Reserve Bank of India Governor Shaktikanta Das on Thursday said that private cryptocurrencies are a threat to macroeconomic and financial stability, reported PTI.

Das said it was his duty to caution investors on cryptocurrencies and told them that they were investing at their own risk. “They should keep in mind that these cryptocurrencies have no underlying [asset], Not even a tulip,” the governor said.

Das was referring to the “‘tulip mania” which concerned the Dutch financial craze for tulip bulbs in the 1630s. At that time in the Netherlands, tulip bulbs were being traded at extraordinarily high prices – sometimes at the price of houses. This had led to a market crash in February 1637.

Bitcoin, which is the top cryptocurrency as on Thursday, is often called “tulip mania 2.0”.

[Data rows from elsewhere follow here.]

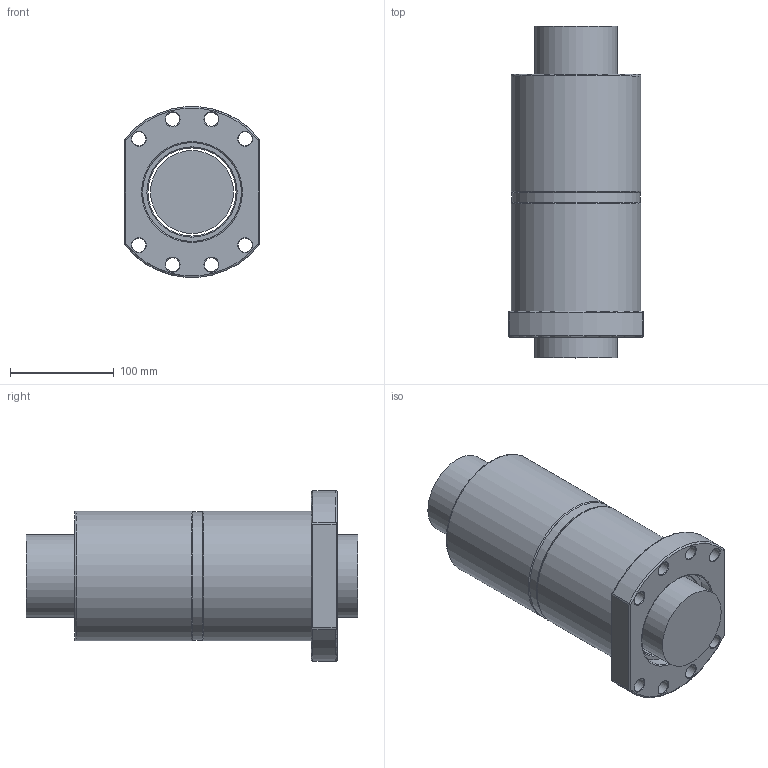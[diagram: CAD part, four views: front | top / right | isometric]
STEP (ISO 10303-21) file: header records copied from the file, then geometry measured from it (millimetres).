
FILE_DESCRIPTION(/* description */ (''),/* implementation_level */ '2;1');
FILE_NAME(/* name */ '8020.prt.step',/* time_stamp */ '2008-12-05T09:28:34+08:00',/* author */ (''),/* organization */ (''),/* preprocessor_version */ 'ST-DEVELOPER v11',/* originating_system */ 'SIEMENS UGS NX 6.0',/* authorisation */ '');
FILE_SCHEMA (('AUTOMOTIVE_DESIGN { 1 0 10303 214 1 1 1 1 }'));
Length unit declared in the file: millimetre
Products named in the file (1): 8020
Bounding box: 130 x 320 x 164.45 mm (x, y, z)
Volume: 3368528.5 mm3; surface area: 317244.9 mm2
Topology: 4 solids, 4 shells, 75 faces, 165 edges, 103 vertices
Faces by surface type: plane 23, cylinder 21, cone 20, torus 11
Full cylindrical faces by diameter (mm): 13.5 x8, 79.95 x1, 85 x3, 95.3 x4, 124 x1, 125 x2
Entity records: 2073 total; most frequent: CARTESIAN_POINT 526, DIRECTION 322, ORIENTED_EDGE 226, AXIS2_PLACEMENT_3D 149, EDGE_LOOP 148, FACE_BOUND 130, EDGE_CURVE 113, VERTEX_POINT 97
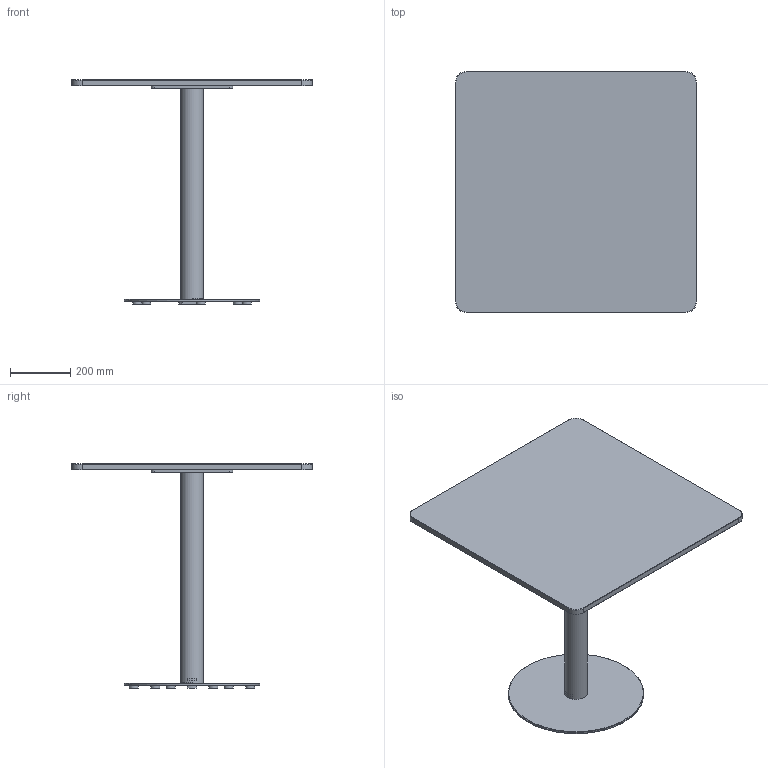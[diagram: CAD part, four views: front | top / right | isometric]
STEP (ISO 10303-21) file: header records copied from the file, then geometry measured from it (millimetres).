
FILE_DESCRIPTION( ('This file contains a STEP AP42 implementation' ,'as created by ZW3D STEP Interface translator.') ,'2;1' );
FILE_NAME( 'Henri - B_Rond - F3 - M1 - 800 x 800 x 750.stp' ,'24 912.153740', (''), ('ZWCAD Software Co.'), 'Version 1.0', 'ZW3D to STEP translator', '' );
FILE_SCHEMA(('AUTOMOTIVE_DESIGN { 1 0 10303 214 1 1 1 1 }'));
Length unit declared in the file: millimetre
Products named in the file (14): 0; PIED BISTROT PARAMETRIQUE_; COLONNE ACIER Ø76 V.02_; TUB-D076-02_; PLA-R76B-01_; SOCLE ACIER C Ø450 V.02_; SCL-D450-02_; PLA-R30A-01_; PLA-R30A-01; CROIX ACIER 370 V.02_; CRX-X370-02_; WUERTH 0276063020 Euro-screw 6.3x2 Verzinkt_; PLATEAU BISTROT PARAMETRIQUE_; insert_m6_13_
Assembly tree (24 placements, depth 3):
  0
  PIED BISTROT PARAMETRIQUE_
    COLONNE ACIER Ø76 V.02_
      TUB-D076-02_
      PLA-R76B-01_  x2
    SOCLE ACIER C Ø450 V.02_
      SCL-D450-02_
      PLA-R30A-01_
      PLA-R30A-01  x5
    CROIX ACIER 370 V.02_
      CRX-X370-02_
    WUERTH 0276063020 Euro-screw 6.3x2 Verzinkt_
    PLATEAU BISTROT PARAMETRIQUE_
      insert_m6_13_  x8
Bounding box: 800 x 800 x 744 mm (x, y, z)
Volume: 14994271.9 mm3; surface area: 2189907.8 mm2
Topology: 21 solids, 21 shells, 524 faces, 1273 edges, 802 vertices
Faces by surface type: plane 254, bspline 121, cylinder 99, cone 49, torus 1
Full cylindrical faces by diameter (mm): 4.88 x1, 6 x8, 6.3 x1, 8 x47, 12 x2, 14 x2, 30 x6, 72 x1, 76 x1, 450 x1
Entity records: 11734 total; most frequent: CARTESIAN_POINT 3302, ORIENTED_EDGE 1526, DIRECTION 1424, EDGE_CURVE 763, VERTEX_POINT 490, VECTOR 476, LINE 476, AXIS2_PLACEMENT_3D 474
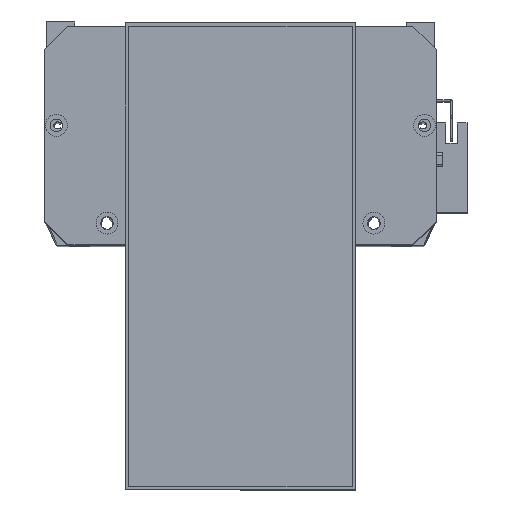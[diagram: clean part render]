
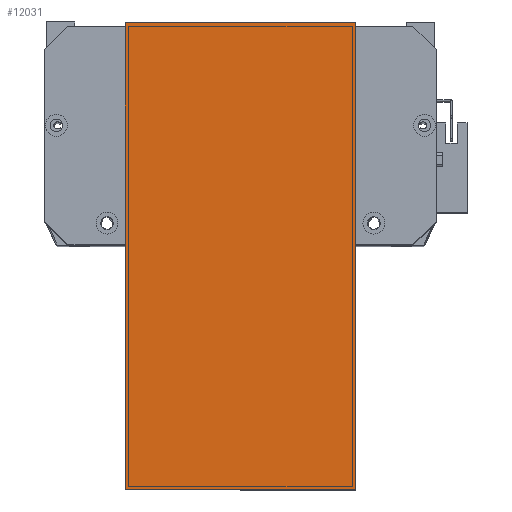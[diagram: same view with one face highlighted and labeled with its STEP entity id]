
A CAD part, top view. The second image highlights one B-rep face of the part: STEP entity #12031.
In plain terms, the highlighted planar face has unit normal (0, 0, 1) as drawn and (0, 0, -1) by its records, which use the part's own axes.
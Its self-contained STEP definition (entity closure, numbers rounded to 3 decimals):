
#583 = VERTEX_POINT ( 'NONE', #15759 ) ;
#2348 = PLANE ( 'NONE',  #26502 ) ;
#3329 = LINE ( 'NONE', #21719, #8878 ) ;
#3384 = DIRECTION ( 'NONE',  ( 1., 0., 0. ) ) ;
#4432 = DIRECTION ( 'NONE',  ( -1., 0., 0. ) ) ;
#5023 = ORIENTED_EDGE ( 'NONE', *, *, #12987, .T. ) ;
#5780 = ORIENTED_EDGE ( 'NONE', *, *, #20778, .F. ) ;
#6346 = LINE ( 'NONE', #22076, #16115 ) ;
#7180 = DIRECTION ( 'NONE',  ( 0., 1., 0. ) ) ;
#7389 = FACE_OUTER_BOUND ( 'NONE', #24073, .T. ) ;
#7413 = EDGE_CURVE ( 'NONE', #11531, #583, #23615, .T. ) ;
#7592 = CARTESIAN_POINT ( 'NONE',  ( -12., 119.5, 0. ) ) ;
#8878 = VECTOR ( 'NONE', #7180, 1000. ) ;
#9908 = ORIENTED_EDGE ( 'NONE', *, *, #14001, .F. ) ;
#10423 = CARTESIAN_POINT ( 'NONE',  ( 203., 19.5, 0. ) ) ;
#11531 = VERTEX_POINT ( 'NONE', #23715 ) ;
#11547 = LINE ( 'NONE', #7592, #26877 ) ;
#12031 = ADVANCED_FACE ( 'NONE', ( #7389 ), #2348, .T. ) ;
#12501 = ORIENTED_EDGE ( 'NONE', *, *, #7413, .F. ) ;
#12987 = EDGE_CURVE ( 'NONE', #11531, #20427, #11547, .T. ) ;
#14001 = EDGE_CURVE ( 'NONE', #21863, #20427, #3329, .T. ) ;
#15759 = CARTESIAN_POINT ( 'NONE',  ( 0., 19.5, 0. ) ) ;
#16115 = VECTOR ( 'NONE', #3384, 1000. ) ;
#16937 = DIRECTION ( 'NONE',  ( 0., 0., -1. ) ) ;
#18745 = VECTOR ( 'NONE', #22394, 1000. ) ;
#20300 = CARTESIAN_POINT ( 'NONE',  ( 0., 0., 0. ) ) ;
#20427 = VERTEX_POINT ( 'NONE', #21094 ) ;
#20778 = EDGE_CURVE ( 'NONE', #583, #21863, #6346, .T. ) ;
#21094 = CARTESIAN_POINT ( 'NONE',  ( 203., 119.5, 0. ) ) ;
#21719 = CARTESIAN_POINT ( 'NONE',  ( 203., 0., 0. ) ) ;
#21863 = VERTEX_POINT ( 'NONE', #10423 ) ;
#22076 = CARTESIAN_POINT ( 'NONE',  ( -12., 19.5, 0. ) ) ;
#22394 = DIRECTION ( 'NONE',  ( 0., -1., 0. ) ) ;
#23615 = LINE ( 'NONE', #20300, #18745 ) ;
#23715 = CARTESIAN_POINT ( 'NONE',  ( 0., 119.5, 0. ) ) ;
#24073 = EDGE_LOOP ( 'NONE', ( #5780, #12501, #5023, #9908 ) ) ;
#25224 = CARTESIAN_POINT ( 'NONE',  ( 0., 0., 0. ) ) ;
#26360 = DIRECTION ( 'NONE',  ( 1., 0., 0. ) ) ;
#26502 = AXIS2_PLACEMENT_3D ( 'NONE', #25224, #16937, #4432 ) ;
#26877 = VECTOR ( 'NONE', #26360, 1000. ) ;
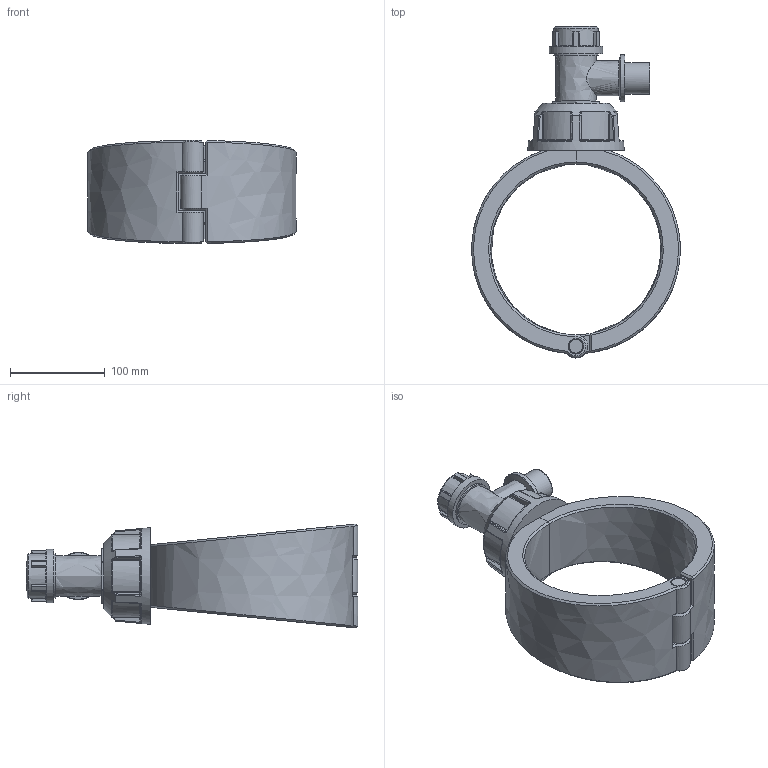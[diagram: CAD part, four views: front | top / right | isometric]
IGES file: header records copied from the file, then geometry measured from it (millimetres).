
Global section: file name: 1631R0180010; native system: Autodesk Inventor 2019; preprocessor: unknown; author: comp2; date: 20220203.120705; units: millimetre
Bounding box: 219.99 x 350 x 109.6 mm (x, y, z)
Volume: 1561235.2 mm3; surface area: 201899.1 mm2
Topology: 4 solids, 4 shells, 341 faces, 833 edges, 509 vertices
Faces by surface type: bspline 341
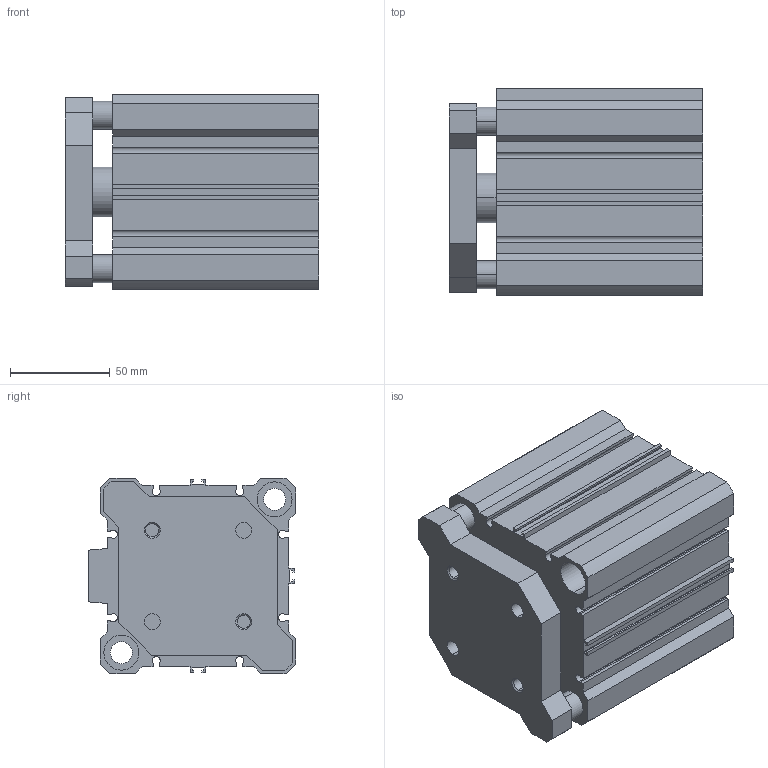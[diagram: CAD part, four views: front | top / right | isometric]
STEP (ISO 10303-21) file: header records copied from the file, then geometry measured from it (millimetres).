
FILE_DESCRIPTION (( 'STEP AP203' ), '1' );
FILE_NAME ('CCMG80-50.STEP', '2020-04-01T18:51:53', ( '' ), ( '' ), 'SwSTEP 2.0', 'SolidWorks 2019', '' );
FILE_SCHEMA (( 'CONFIG_CONTROL_DESIGN' ));
Length unit declared in the file: millimetre
Products named in the file (1): CCMG80-50
Bounding box: 127.5 x 104 x 98 mm (x, y, z)
Volume: 757988.9 mm3; surface area: 157648.7 mm2
Topology: 2 solids, 2 shells, 194 faces, 518 edges, 338 vertices
Faces by surface type: plane 114, cylinder 64, cone 16
Entity records: 6105 total; most frequent: CARTESIAN_POINT 1047, DIRECTION 1044, ORIENTED_EDGE 1028, EDGE_CURVE 514, LINE 374, VECTOR 374, VERTEX_POINT 338, AXIS2_PLACEMENT_3D 335

“Tulip mania” is often cited as the classic example of a financial bubble, in which asset prices are much higher than the underlying fundamentals of the item can be reasonably justified.

Digital rupee

On Thursday, when asked about the introduction of the central bank digital currency, Das said he could not give a timeline, reported The Indian Express.

While presenting the Union Budget on February 1, Finance Minister Nirmala Sitharaman announced that the new digital rupee will be introduced this year using blockchain technology. Blockchain is a digital ledger of transactions that is distributed across the entire network of computer systems.

Das said that they are carefully and cautiously working on their blockchain project. “We have to keep risks like cyber-security and counterfeiting in mind,” he said. “So we are proceeding cautiously and can’t give a timeline.”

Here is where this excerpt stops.